Your Firewall (whether at your router or your computer) can be used to block ports, types of communications, and specific IP addresses. The blocking can be adjusted for incoming and outgoing communications separately.

Most users will prefer a default permissive outgoing setting (allows all outgoing traffic - you have to specify (blacklist) types of outgoing traffic you don't want). Conversely, most will prefer a restrictive incoming policy (block all incoming connections - you have to specify (whitelist) who you want to be able to connect to your computer).

There are many different types of communications involved (TCP, pings, UPD, ICMP, HTTP, HTTPS, POP3, FTP, etc.). You need to know what services you use before specifically blocking these types of communications. For example, if you use local email software that operates through a web-based email host, you don't want to block that form of communication (ex: POP3).

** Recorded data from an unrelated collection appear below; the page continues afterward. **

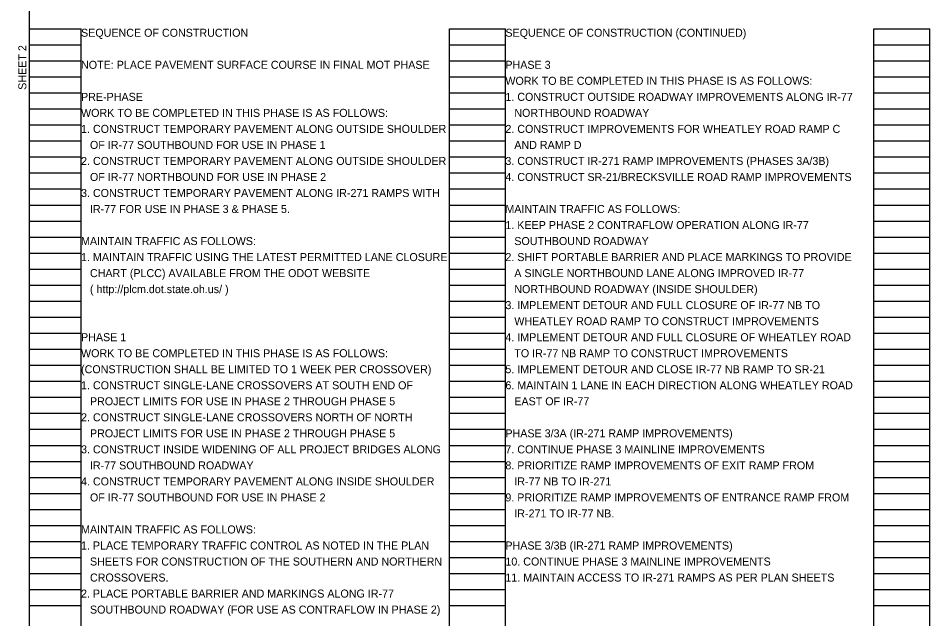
# Model space of a CAD drawing. Extents: x 1820207 to 1820557, y 740216 to 740315.
# Drawn here: x 1820261.19 to 1820277.13, y 740265.07 to 740275.57 of the extents above; entities that cross this region are included whole.
import ezdxf

# ---------------------------------------------------------------- set-up
doc = ezdxf.new("R2010")
doc.units = 0
for name, color, linetype in [('SC_Scratch1', 7, 'Continuous'), ('SC_Scratch2', 7, 'Continuous'), ('SH_Text', 7, 'Continuous')]:
    doc.layers.add(name, color=color, linetype=linetype)

msp = doc.modelspace()

# ---------------------------------------------------------------- linework, layer by layer
at = {"layer": 'SC_Scratch1'}
for p, q in [((1820261.39, 740255.222), (1820261.39, 740275.382)), ((1820261.39, 740275.382), (1820262.29, 740275.382)), ((1820262.29, 740255.222), (1820262.29, 740275.382)), ((1820268.73, 740255.222), (1820268.73, 740275.382)), ((1820268.73, 740275.382), (1820269.71, 740275.382)), ((1820269.71, 740255.222), (1820269.71, 740275.382)), ((1820276.15, 740255.222), (1820276.15, 740275.382)), ((1820276.15, 740275.382), (1820277.13, 740275.382)), ((1820277.13, 740255.222), (1820277.13, 740275.382)), ((1820261.39, 740275.102), (1820262.29, 740275.102)), ((1820268.73, 740275.102), (1820269.71, 740275.102)), ((1820276.15, 740275.102), (1820277.13, 740275.102)), ((1820261.39, 740274.822), (1820262.29, 740274.822)), ((1820268.73, 740274.822), (1820269.71, 740274.822)), ((1820276.15, 740274.822), (1820277.13, 740274.822)), ((1820261.39, 740274.542), (1820262.29, 740274.542)), ((1820268.73, 740274.542), (1820269.71, 740274.542)), ((1820276.15, 740274.542), (1820277.13, 740274.542)), ((1820261.39, 740274.262), (1820262.29, 740274.262)), ((1820268.73, 740274.262), (1820269.71, 740274.262)), ((1820276.15, 740274.262), (1820277.13, 740274.262)), ((1820261.39, 740273.982), (1820262.29, 740273.982)), ((1820268.73, 740273.982), (1820269.71, 740273.982)), ((1820276.15, 740273.982), (1820277.13, 740273.982)), ((1820261.39, 740273.702), (1820262.29, 740273.702)), ((1820268.73, 740273.702), (1820269.71, 740273.702)), ((1820276.15, 740273.702), (1820277.13, 740273.702)), ((1820261.39, 740273.422), (1820262.29, 740273.422)), ((1820268.73, 740273.422), (1820269.71, 740273.422)), ((1820276.15, 740273.422), (1820277.13, 740273.422)), ((1820261.39, 740273.142), (1820262.29, 740273.142)), ((1820268.73, 740273.142), (1820269.71, 740273.142)), ((1820276.15, 740273.142), (1820277.13, 740273.142)), ((1820261.39, 740272.862), (1820262.29, 740272.862)), ((1820268.73, 740272.862), (1820269.71, 740272.862)), ((1820276.15, 740272.862), (1820277.13, 740272.862)), ((1820261.39, 740272.582), (1820262.29, 740272.582)), ((1820268.73, 740272.582), (1820269.71, 740272.582)), ((1820276.15, 740272.582), (1820277.13, 740272.582)), ((1820261.39, 740272.302), (1820262.29, 740272.302)), ((1820268.73, 740272.302), (1820269.71, 740272.302)), ((1820276.15, 740272.302), (1820277.13, 740272.302)), ((1820261.39, 740272.022), (1820262.29, 740272.022)), ((1820268.73, 740272.022), (1820269.71, 740272.022)), ((1820276.15, 740272.022), (1820277.13, 740272.022)), ((1820261.39, 740271.742), (1820262.29, 740271.742)), ((1820268.73, 740271.742), (1820269.71, 740271.742)), ((1820276.15, 740271.742), (1820277.13, 740271.742)), ((1820261.39, 740271.462), (1820262.29, 740271.462)), ((1820268.73, 740271.462), (1820269.71, 740271.462)), ((1820276.15, 740271.462), (1820277.13, 740271.462)), ((1820261.39, 740271.182), (1820262.29, 740271.182)), ((1820268.73, 740271.182), (1820269.71, 740271.182)), ((1820276.15, 740271.182), (1820277.13, 740271.182)), ((1820261.39, 740270.902), (1820262.29, 740270.902)), ((1820268.73, 740270.902), (1820269.71, 740270.902)), ((1820276.15, 740270.902), (1820277.13, 740270.902)), ((1820261.39, 740270.622), (1820262.29, 740270.622)), ((1820268.73, 740270.622), (1820269.71, 740270.622)), ((1820276.15, 740270.622), (1820277.13, 740270.622)), ((1820261.39, 740270.342), (1820262.29, 740270.342)), ((1820268.73, 740270.342), (1820269.71, 740270.342)), ((1820276.15, 740270.342), (1820277.13, 740270.342)), ((1820261.39, 740270.062), (1820262.29, 740270.062)), ((1820268.73, 740270.062), (1820269.71, 740270.062)), ((1820276.15, 740270.062), (1820277.13, 740270.062)), ((1820261.39, 740269.782), (1820262.29, 740269.782)), ((1820268.73, 740269.782), (1820269.71, 740269.782)), ((1820276.15, 740269.782), (1820277.13, 740269.782)), ((1820261.39, 740269.502), (1820262.29, 740269.502)), ((1820268.73, 740269.502), (1820269.71, 740269.502)), ((1820276.15, 740269.502), (1820277.13, 740269.502)), ((1820261.39, 740269.222), (1820262.29, 740269.222)), ((1820268.73, 740269.222), (1820269.71, 740269.222)), ((1820276.15, 740269.222), (1820277.13, 740269.222)), ((1820261.39, 740268.942), (1820262.29, 740268.942)), ((1820268.73, 740268.942), (1820269.71, 740268.942)), ((1820276.15, 740268.942), (1820277.13, 740268.942)), ((1820261.39, 740268.662), (1820262.29, 740268.662)), ((1820268.73, 740268.662), (1820269.71, 740268.662)), ((1820276.15, 740268.662), (1820277.13, 740268.662)), ((1820261.39, 740268.382), (1820262.29, 740268.382)), ((1820268.73, 740268.382), (1820269.71, 740268.382)), ((1820276.15, 740268.382), (1820277.13, 740268.382)), ((1820261.39, 740268.102), (1820262.29, 740268.102)), ((1820268.73, 740268.102), (1820269.71, 740268.102)), ((1820276.15, 740268.102), (1820277.13, 740268.102)), ((1820261.39, 740267.822), (1820262.29, 740267.822)), ((1820268.73, 740267.822), (1820269.71, 740267.822)), ((1820276.15, 740267.822), (1820277.13, 740267.822)), ((1820261.39, 740267.542), (1820262.29, 740267.542)), ((1820268.73, 740267.542), (1820269.71, 740267.542)), ((1820276.15, 740267.542), (1820277.13, 740267.542)), ((1820261.39, 740267.262), (1820262.29, 740267.262)), ((1820268.73, 740267.262), (1820269.71, 740267.262)), ((1820276.15, 740267.262), (1820277.13, 740267.262)), ((1820261.39, 740266.982), (1820262.29, 740266.982)), ((1820268.73, 740266.982), (1820269.71, 740266.982)), ((1820276.15, 740266.982), (1820277.13, 740266.982)), ((1820261.39, 740266.702), (1820262.29, 740266.702)), ((1820268.73, 740266.702), (1820269.71, 740266.702)), ((1820276.15, 740266.702), (1820277.13, 740266.702)), ((1820261.39, 740266.422), (1820262.29, 740266.422)), ((1820268.73, 740266.422), (1820269.71, 740266.422)), ((1820276.15, 740266.422), (1820277.13, 740266.422)), ((1820261.39, 740266.142), (1820262.29, 740266.142)), ((1820268.73, 740266.142), (1820269.71, 740266.142)), ((1820276.15, 740266.142), (1820277.13, 740266.142)), ((1820261.39, 740265.862), (1820262.29, 740265.862)), ((1820268.73, 740265.862), (1820269.71, 740265.862)), ((1820276.15, 740265.862), (1820277.13, 740265.862)), ((1820261.39, 740265.582), (1820262.29, 740265.582)), ((1820268.73, 740265.582), (1820269.71, 740265.582)), ((1820276.15, 740265.582), (1820277.13, 740265.582)), ((1820261.39, 740265.302), (1820262.29, 740265.302)), ((1820268.73, 740265.302), (1820269.71, 740265.302)), ((1820276.15, 740265.302), (1820277.13, 740265.302))]:
    msp.add_line(p, q, dxfattribs=at)
at = {"layer": 'SC_Scratch2'}
msp.add_lwpolyline([(1820261.39, 740275.742), (1820291.89, 740275.742), (1820291.89, 740254.742), (1820261.39, 740254.742)], close=True, dxfattribs=at)

# ---------------------------------------------------------------- texts
at = {"layer": 'SH_Text'}
for s, rotation, p in [('SEQUENCE OF CONSTRUCTION', 360, (1820262.29, 740275.242)), ('SEQUENCE OF CONSTRUCTION (CONTINUED)', 360, (1820269.71, 740275.242)), ('SHEET 2', 90, (1820261.334, 740274.315)), ('NOTE: PLACE PAVEMENT SURFACE COURSE IN FINAL MOT PHASE', 360, (1820262.29, 740274.682)), ('PHASE 3', 360, (1820269.71, 740274.682)), ('WORK TO BE COMPLETED IN THIS PHASE IS AS FOLLOWS:', 360, (1820269.71, 740274.402)), ('PRE-PHASE', 360, (1820262.29, 740274.122)), ('1. CONSTRUCT OUTSIDE ROADWAY IMPROVEMENTS ALONG IR-77', 360, (1820269.71, 740274.122)), ('WORK TO BE COMPLETED IN THIS PHASE IS AS FOLLOWS:', 360, (1820262.29, 740273.842)), ('   NORTHBOUND ROADWAY', 360, (1820269.71, 740273.842)), ('1. CONSTRUCT TEMPORARY PAVEMENT ALONG OUTSIDE SHOULDER ', 360, (1820262.29, 740273.562)), ('2. CONSTRUCT IMPROVEMENTS FOR WHEATLEY ROAD RAMP C', 360, (1820269.71, 740273.562)), ('   OF IR-77 SOUTHBOUND FOR USE IN PHASE 1', 360, (1820262.29, 740273.282)), ('   AND RAMP D', 360, (1820269.71, 740273.282)), ('2. CONSTRUCT TEMPORARY PAVEMENT ALONG OUTSIDE SHOULDER', 360, (1820262.29, 740273.002)), ('3. CONSTRUCT IR-271 RAMP IMPROVEMENTS (PHASES 3A/3B)', 360, (1820269.71, 740273.002)), ('4. CONSTRUCT SR-21/BRECKSVILLE ROAD RAMP IMPROVEMENTS', 360, (1820269.71, 740272.722)), ('   OF IR-77 NORTHBOUND FOR USE IN PHASE 2', 360, (1820262.29, 740272.722)), ('3. CONSTRUCT TEMPORARY PAVEMENT ALONG IR-271 RAMPS WITH', 360, (1820262.29, 740272.442)), ('   IR-77 FOR USE IN PHASE 3 & PHASE 5.', 360, (1820262.29, 740272.162)), ('MAINTAIN TRAFFIC AS FOLLOWS:', 360, (1820269.71, 740272.162)), ('1. KEEP PHASE 2 CONTRAFLOW OPERATION ALONG IR-77 ', 360, (1820269.71, 740271.882)), ('MAINTAIN TRAFFIC AS FOLLOWS:', 360, (1820262.29, 740271.602)), ('   SOUTHBOUND ROADWAY', 360, (1820269.71, 740271.602)), ('1. MAINTAIN TRAFFIC USING THE LATEST PERMITTED LANE CLOSURE ', 360, (1820262.29, 740271.322)), ('2. SHIFT PORTABLE BARRIER AND PLACE MARKINGS TO PROVIDE ', 360, (1820269.71, 740271.322)), ('   CHART (PLCC) AVAILABLE FROM THE ODOT WEBSITE ', 360, (1820262.29, 740271.042)), ('   A SINGLE NORTHBOUND LANE ALONG IMPROVED IR-77 ', 360, (1820269.71, 740271.042)), ('   ( http://plcm.dot.state.oh.us/ )', 360, (1820262.29, 740270.762)), ('   NORTHBOUND ROADWAY (INSIDE SHOULDER)', 360, (1820269.71, 740270.762)), ('3. IMPLEMENT DETOUR AND FULL CLOSURE OF IR-77 NB TO ', 360, (1820269.71, 740270.482)), ('   WHEATLEY ROAD RAMP TO CONSTRUCT IMPROVEMENTS', 360, (1820269.71, 740270.202)), ('PHASE 1', 360, (1820262.29, 740269.922)), ('4. IMPLEMENT DETOUR AND FULL CLOSURE OF WHEATLEY ROAD ', 360, (1820269.71, 740269.922)), ('WORK TO BE COMPLETED IN THIS PHASE IS AS FOLLOWS:', 360, (1820262.29, 740269.642)), ('   TO IR-77 NB RAMP TO CONSTRUCT IMPROVEMENTS', 360, (1820269.71, 740269.642)), ('(CONSTRUCTION SHALL BE LIMITED TO 1 WEEK PER CROSSOVER)', 360, (1820262.29, 740269.362)), ('5. IMPLEMENT DETOUR AND CLOSE IR-77 NB RAMP TO SR-21', 360, (1820269.71, 740269.362)), ('1. CONSTRUCT SINGLE-LANE CROSSOVERS AT SOUTH END OF ', 360, (1820262.29, 740269.082)), ('6. MAINTAIN 1 LANE IN EACH DIRECTION ALONG WHEATLEY ROAD', 360, (1820269.71, 740269.082)), ('   PROJECT LIMITS FOR USE IN PHASE 2 THROUGH PHASE 5', 360, (1820262.29, 740268.802)), ('   EAST OF IR-77', 360, (1820269.71, 740268.802)), ('2. CONSTRUCT SINGLE-LANE CROSSOVERS NORTH OF NORTH', 360, (1820262.29, 740268.522)), ('   PROJECT LIMITS FOR USE IN PHASE 2 THROUGH PHASE 5', 360, (1820262.29, 740268.242)), ('PHASE 3/3A (IR-271 RAMP IMPROVEMENTS)', 360, (1820269.71, 740268.242)), ('3. CONSTRUCT INSIDE WIDENING OF ALL PROJECT BRIDGES ALONG ', 360, (1820262.29, 740267.962)), ('7. CONTINUE PHASE 3 MAINLINE IMPROVEMENTS', 360, (1820269.71, 740267.962)), ('   IR-77 SOUTHBOUND ROADWAY', 360, (1820262.29, 740267.682)), ('8. PRIORITIZE RAMP IMPROVEMENTS OF EXIT RAMP FROM ', 360, (1820269.71, 740267.682)), ('4. CONSTRUCT TEMPORARY PAVEMENT ALONG INSIDE SHOULDER ', 360, (1820262.29, 740267.402)), ('   IR-77 NB TO IR-271', 360, (1820269.71, 740267.402)), ('   OF IR-77 SOUTHBOUND FOR USE IN PHASE 2', 360, (1820262.29, 740267.122)), ('9. PRIORITIZE RAMP IMPROVEMENTS OF ENTRANCE RAMP FROM ', 360, (1820269.71, 740267.122)), ('   IR-271 TO IR-77 NB.', 360, (1820269.71, 740266.842)), ('MAINTAIN TRAFFIC AS FOLLOWS:', 360, (1820262.29, 740266.562)), ('1. PLACE TEMPORARY TRAFFIC CONTROL AS NOTED IN THE PLAN ', 360, (1820262.29, 740266.282)), ('PHASE 3/3B (IR-271 RAMP IMPROVEMENTS)', 360, (1820269.71, 740266.282)), ('   SHEETS FOR CONSTRUCTION OF THE SOUTHERN AND NORTHERN ', 360, (1820262.29, 740266.002)), ('10. CONTINUE PHASE 3 MAINLINE IMPROVEMENTS', 360, (1820269.71, 740266.002)), ('   CROSSOVERS.', 360, (1820262.29, 740265.722)), ('11. MAINTAIN ACCESS TO IR-271 RAMPS AS PER PLAN SHEETS', 360, (1820269.71, 740265.722)), ('2. PLACE PORTABLE BARRIER AND MARKINGS ALONG IR-77 ', 360, (1820262.29, 740265.442)), ('   SOUTHBOUND ROADWAY (FOR USE AS CONTRAFLOW IN PHASE 2)', 360, (1820262.29, 740265.162))]:
    msp.add_text(s, height=0.14, rotation=rotation, dxfattribs=at).set_placement(p)

doc.saveas('drawing.dxf')

Many common Windows firewall programs are ZoneAlarm, Online Armor, and Sygate. For Linux, there are IPTables, Firestarter (interface for iptables), and Shorewall. The Linux firewalls are much more difficult to configure and use.

My recommendations:

Before installing any program, research it first.

You must have a firewall, if not multiple firewalls (ex: one on your router and one on your computer). Pick a program you're comfortable with and keep it on. If you experience connectivity issues, don't give up on the firewall, research it and configure it so it work for you.

More on this later.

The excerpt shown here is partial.